**Entries shown**
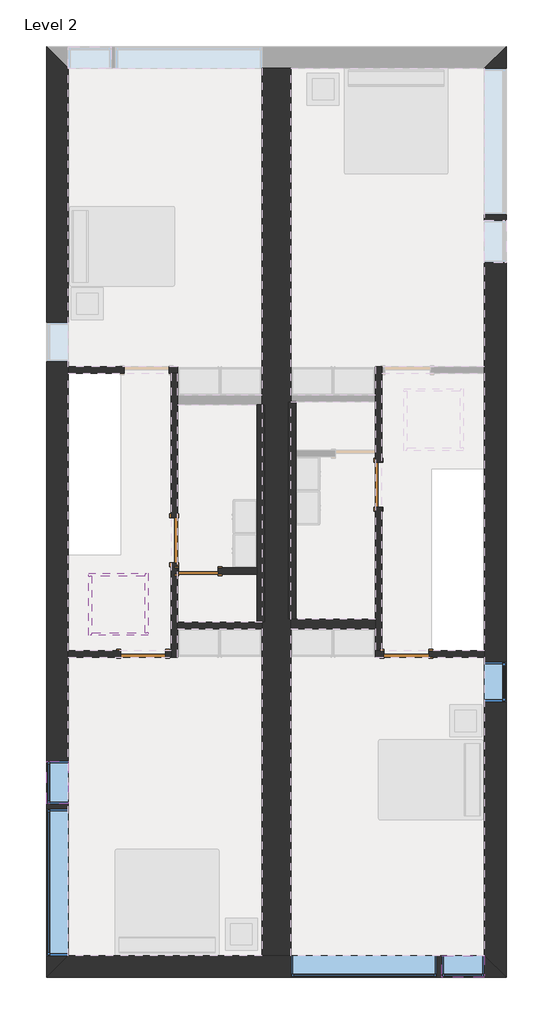
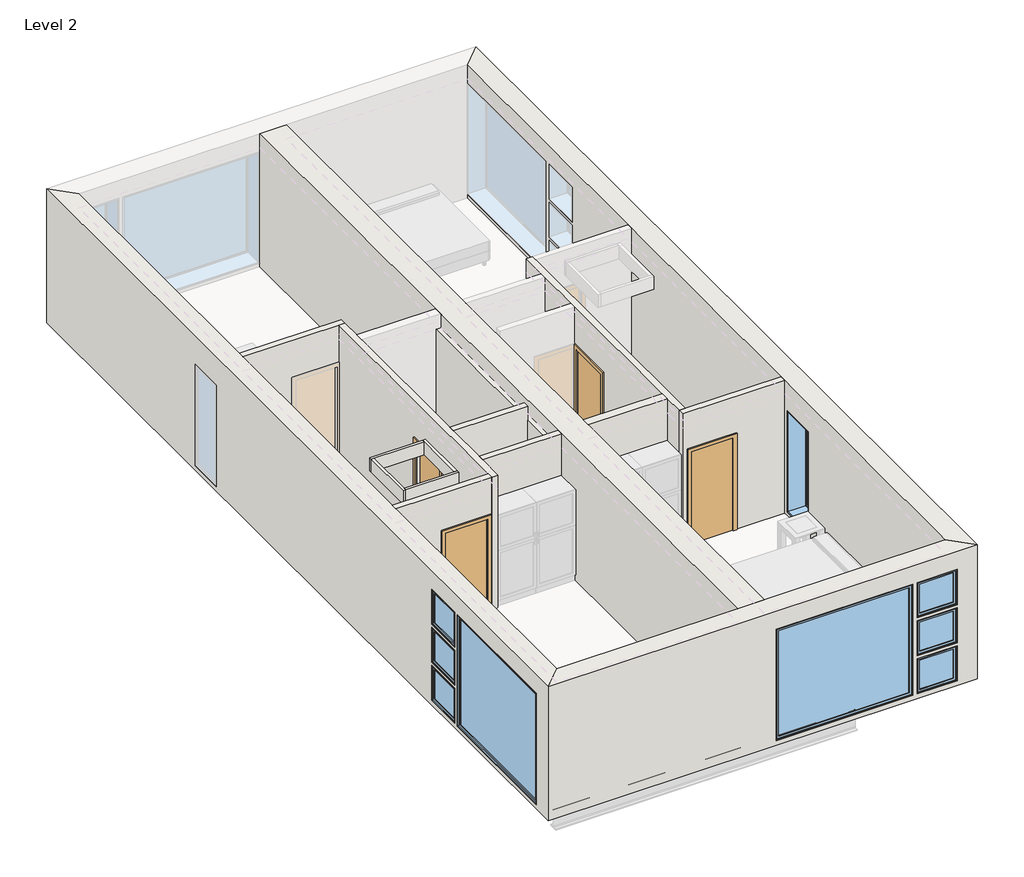
# One storey, part 1 of 2: 20 walls, 9 windows, 5 doors.
"""IFC4 building model written with IfcOpenShell, lengths in millimetres."""

import ifcopenshell
import ifcopenshell.guid

model = None  # the IFC model being written
_history = None  # IfcOwnerHistory: only IFC2X3 demands one
_inside = {}  # id of a spatial element -> (the spatial element, [elements in it])
_under = {}  # id of a project, library or spatial element -> (it, [spatial elements below it])
_declared = {}  # id of a project -> (the project, [libraries it declares])
_typed = {}  # id of a type object -> (the type object, [elements of that type])
_made_of = {}  # id of a material, layer set ... -> (it, [elements and type objects made of it])


def new_model(schema):
    """Start an empty IFC model of exactly this schema.

    Asked for "IFC4X3", IfcOpenShell would pick the latest addendum, in which some entities
    have other attributes; the version numbers below select the first issue.
    IFC2X3 requires an IfcOwnerHistory on every rooted entity: one is made here for all.
    """
    global model, _history
    if schema == "IFC4X3":
        model = ifcopenshell.file(schema_version=(4, 3, 0, 0))
    else:
        model = ifcopenshell.file(schema=schema)
    _inside.clear()
    _under.clear()
    _declared.clear()
    _typed.clear()
    _made_of.clear()
    _history = None
    if model.schema == "IFC2X3":
        org = make("IfcOrganization", Name="unknown")
        user = make(
            "IfcPersonAndOrganization",
            ThePerson=make("IfcPerson", FamilyName="unknown"),
            TheOrganization=org,
        )
        app = make(
            "IfcApplication",
            ApplicationDeveloper=org,
            Version="unknown",
            ApplicationFullName="unknown",
            ApplicationIdentifier="unknown",
        )
        _history = make(
            "IfcOwnerHistory",
            OwningUser=user,
            OwningApplication=app,
            ChangeAction="ADDED",
            CreationDate=0,
        )
    return model


def make(cls, **values):
    """One entity of the class cls with the attributes given. An attribute that is None is left unset."""
    return model.create_entity(
        cls, **{name: value for name, value in values.items() if value is not None}
    )


def rooted(cls, **values):
    """An entity with a GlobalId (a new one), such as an element, a storey or a relation."""
    return make(cls, GlobalId=ifcopenshell.guid.new(), OwnerHistory=_history, **values)


def si_unit(unit_type, name, prefix=None):
    """IfcSIUnit, for example si_unit("LENGTHUNIT", "METRE", prefix="MILLI")."""
    return make("IfcSIUnit", UnitType=unit_type, Prefix=prefix, Name=name)


def assignment(units):
    """IfcUnitAssignment: the units of a project."""
    return None if units is None else make("IfcUnitAssignment", Units=units)


def point(xyz):
    """IfcCartesianPoint."""
    return None if xyz is None else make("IfcCartesianPoint", Coordinates=xyz)


def direction(xyz):
    """IfcDirection."""
    return None if xyz is None else make("IfcDirection", DirectionRatios=xyz)


def frame(location, z_axis=None, x_axis=None):
    """IfcAxis2Placement3D, a coordinate frame: its origin and axes. An axis left out is left unset."""
    return make(
        "IfcAxis2Placement3D",
        Location=point(location),
        Axis=direction(z_axis),
        RefDirection=direction(x_axis),
    )


def origin():
    """The frame at (0, 0, 0) with its axes left unset."""
    return frame((0.0, 0.0, 0.0))


def origin_with_axes():
    """The frame at (0, 0, 0) with the z axis (0, 0, 1) and the x axis (1, 0, 0) written out."""
    return frame((0.0, 0.0, 0.0), z_axis=(0.0, 0.0, 1.0), x_axis=(1.0, 0.0, 0.0))


def place(relative_to, where):
    """IfcLocalPlacement: puts the frame where relative to a parent placement (None: the world)."""
    return make(
        "IfcLocalPlacement", PlacementRelTo=relative_to, RelativePlacement=where
    )


def context(
    kind, dimensions, precision=None, world=None, true_north=None, identifier=None
):
    """IfcGeometricRepresentationContext, for example the 3D "Model" context."""
    return make(
        "IfcGeometricRepresentationContext",
        ContextIdentifier=identifier,
        ContextType=kind,
        CoordinateSpaceDimension=dimensions,
        Precision=precision,
        WorldCoordinateSystem=world,
        TrueNorth=true_north,
    )


def project(units=None, contexts=None):
    """IfcProject with its units and contexts."""
    return rooted(
        "IfcProject",
        Name="project",
        RepresentationContexts=contexts,
        UnitsInContext=assignment(units),
    )


def spatial(cls, under=None, at=None, **own):
    """A site, building, storey or space (cls), placed at a placement, below another one or the project."""
    s = rooted(cls, ObjectPlacement=at, **own)
    if under is not None:
        _under.setdefault(under.id(), (under, []))[1].append(s)
    return s


def polyline(points):
    """IfcPolyline through the points."""
    return make("IfcPolyline", Points=[point(p) for p in points])


def outline(outer, holes=None, kind="AREA"):
    """IfcArbitraryClosedProfileDef: a profile drawn as a closed curve; with holes, ...WithVoids."""
    if holes is None:
        return make("IfcArbitraryClosedProfileDef", ProfileType=kind, OuterCurve=outer)
    return make(
        "IfcArbitraryProfileDefWithVoids",
        ProfileType=kind,
        OuterCurve=outer,
        InnerCurves=holes,
    )


def extrude(swept, where, along, depth):
    """IfcExtrudedAreaSolid: the profile swept, set in the frame where, extruded along a direction by depth."""
    return make(
        "IfcExtrudedAreaSolid",
        SweptArea=swept,
        Position=where,
        ExtrudedDirection=direction(along),
        Depth=depth,
    )


def faces_of(points, faces, orient=None, outer=None):
    """IfcFace entities. A face is a list of loops; a loop is a list of indices into points, from 0.

    orient and outer hold one flag for each loop. By default every Orientation is true, the
    first loop of a face is its IfcFaceOuterBound and the others are IfcFaceBound.
    """
    made = []
    for i, loops in enumerate(faces):
        bounds = []
        for j, loop in enumerate(loops):
            is_outer = j == 0 if outer is None else outer[i][j]
            bounds.append(
                make(
                    "IfcFaceOuterBound" if is_outer else "IfcFaceBound",
                    Bound=make("IfcPolyLoop", Polygon=[points[k] for k in loop]),
                    Orientation=True if orient is None else orient[i][j],
                )
            )
        made.append(make("IfcFace", Bounds=bounds))
    return made


def faceted_brep(points, faces, orient=None, outer=None, voids=None):
    """IfcFacetedBrep: a solid bounded by flat faces; with voids (closed shells), ...WithVoids."""
    shared = [point(p) for p in points]
    hull = make("IfcClosedShell", CfsFaces=faces_of(shared, faces, orient, outer))
    if voids is None:
        return make("IfcFacetedBrep", Outer=hull)
    return make(
        "IfcFacetedBrepWithVoids",
        Outer=hull,
        Voids=[
            make(cls, CfsFaces=faces_of(shared, fs, o, b)) for cls, fs, o, b in voids
        ],
    )


def shape(context_of_items, identifier, shape_type, items):
    """IfcShapeRepresentation: the items that make up one representation, for example the "Body"."""
    return make(
        "IfcShapeRepresentation",
        ContextOfItems=context_of_items,
        RepresentationIdentifier=identifier,
        RepresentationType=shape_type,
        Items=items,
    )


def source(mapping_origin, context_of_items, identifier, shape_type, items):
    """IfcRepresentationMap: a shape defined once, which mapped items show again and again."""
    return make(
        "IfcRepresentationMap",
        MappingOrigin=mapping_origin,
        MappedRepresentation=shape(context_of_items, identifier, shape_type, items),
    )


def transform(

**Exercise requirements**
For each line above that contains the word "IfcSIUnit", give the line as it is written.

**Result**
    """IfcSIUnit, for example si_unit("LENGTHUNIT", "METRE", prefix="MILLI")."""
    return make("IfcSIUnit", UnitType=unit_type, Prefix=prefix, Name=name)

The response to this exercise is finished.